→ Task item: Give only a number in reply. It should be how many lines in the records contain the string "spatial".
--- Extracted information Enclosed Below ---
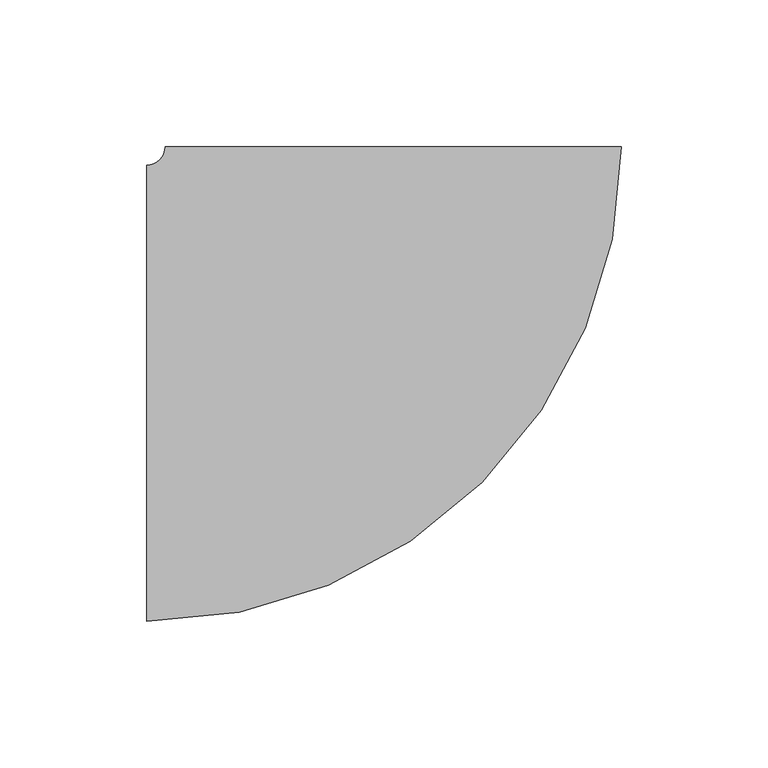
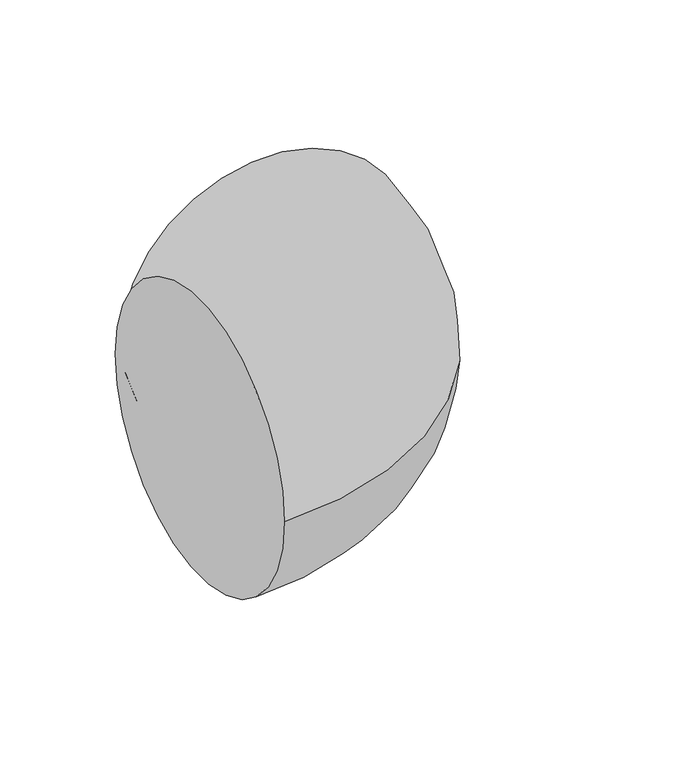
"""IFC4 building model written with IfcOpenShell, lengths in millimetres: pipe fitting geometry, M_Отвод - Типовой : Стандартное."""

from ifc_helpers import new_model, si_unit, point, frame, origin, place, context, project, spatial, circle_curve, ellipse_curve, trimmed, source, transform, mapped, element, save
from ifc_brep_helpers import plane_surface, revolved_surface, advanced_brep


def pipe_fitting_aa2ad946(model_context):
    return source(origin(), model_context, "Body", "AdvancedBrep", [
        advanced_brep(
        [(-84.1375, -77.7875, 0.0), (-84.1375, 77.7875, 0.0), (77.7875, 84.1375, 0.0), (-77.7875, 84.1375, 0.0)],
        [
            (0, 1, circle_curve(frame((-84.1375, 0.0, 0.0), z_axis=(-1.0, 0.0, 0.0), x_axis=(0.0, 1.0, 0.0)), 77.7875)),
            (1, 0, circle_curve(frame((-84.1375, 0.0, 0.0), z_axis=(-1.0, 0.0, 0.0), x_axis=(0.0, 1.0, 0.0)), 77.7875)),
            (2, 3, circle_curve(frame((0.0, 84.1375, 0.0), z_axis=(0.0, 1.0, 0.0), x_axis=(-1.0, 0.0, 0.0)), 77.7875)),
            (3, 2, circle_curve(frame((0.0, 84.1375, 0.0), z_axis=(0.0, 1.0, 0.0), x_axis=(-1.0, 0.0, 0.0)), 77.7875)),
            (3, 1, circle_curve(frame((-84.1375, 84.1375, 0.0), z_axis=(0.0, 0.0, -1.0), x_axis=(0.0, -1.0, 0.0)), 6.35)),
            (0, 2, circle_curve(frame((-84.1375, 84.1375, 0.0), z_axis=(0.0, 0.0, 1.0), x_axis=(0.0, -1.0, 0.0)), 161.925)),
        ],
        [
            plane_surface(frame((-84.1375, 0.0, 0.0), z_axis=(-1.0, 0.0, 0.0), x_axis=(0.0, 0.0, 1.0))),
            plane_surface(frame((0.0, 84.1375, 0.0), z_axis=(0.0, 1.0, 0.0), x_axis=(0.0, 0.0, 1.0))),
            revolved_surface(trimmed(ellipse_curve(frame((-84.1375, 0.0, 0.0), z_axis=(-1.0, 0.0, 0.0), x_axis=(0.0, 1.0, 0.0)), 77.7875, 77.7875), [point((-84.1375, -77.7875, 0.0))], [point((-84.1375, 77.7875, 0.0))], True, "CARTESIAN"), (-84.1375, 84.1375, 0.0), (0.0, 0.0, 1.0)),
            revolved_surface(trimmed(ellipse_curve(frame((-84.1375, 0.0, 0.0), z_axis=(-1.0, 0.0, 0.0), x_axis=(0.0, 1.0, 0.0)), 77.7875, 77.7875), [point((-84.1375, 77.7875, 0.0))], [point((-84.1375, -77.7875, 0.0))], True, "CARTESIAN"), (-84.1375, 84.1375, 0.0), (0.0, 0.0, 1.0)),
        ],
        [
            (0, [[1, 2]]),
            (1, [[3, 4]]),
            (2, [[5, -1, 6, -4]]),
            (3, [[-6, -2, -5, -3]]),
        ],
    ),
    ])


if __name__ == "__main__":
    model = new_model("IFC4")
    model_context = context("Model", 3, world=origin())
    ifc_project = project(units=[si_unit("LENGTHUNIT", "METRE", prefix="MILLI")], contexts=[model_context])
    site = spatial("IfcSite", under=ifc_project)
    building = spatial("IfcBuilding", under=site)
    placement = place(None, origin())
    pipe_fitting_shape = pipe_fitting_aa2ad946(model_context)
    element("IfcPipeFitting", 1, ObjectType="M_Отвод - Типовой : Стандартное", at=placement, inside=building, context=model_context, shape_type="MappedRepresentation", body=[
        mapped(pipe_fitting_shape, transform((0.0, 0.0, 0.0), x_axis=(1.0, 0.0, 0.0), y_axis=(0.0, 1.0, 0.0), z_axis=(0.0, 0.0, 1.0))),
    ])
    save(model, "model.ifc")
--- End of Enclosed Extracted information ---
→ Answer to the exercise: 3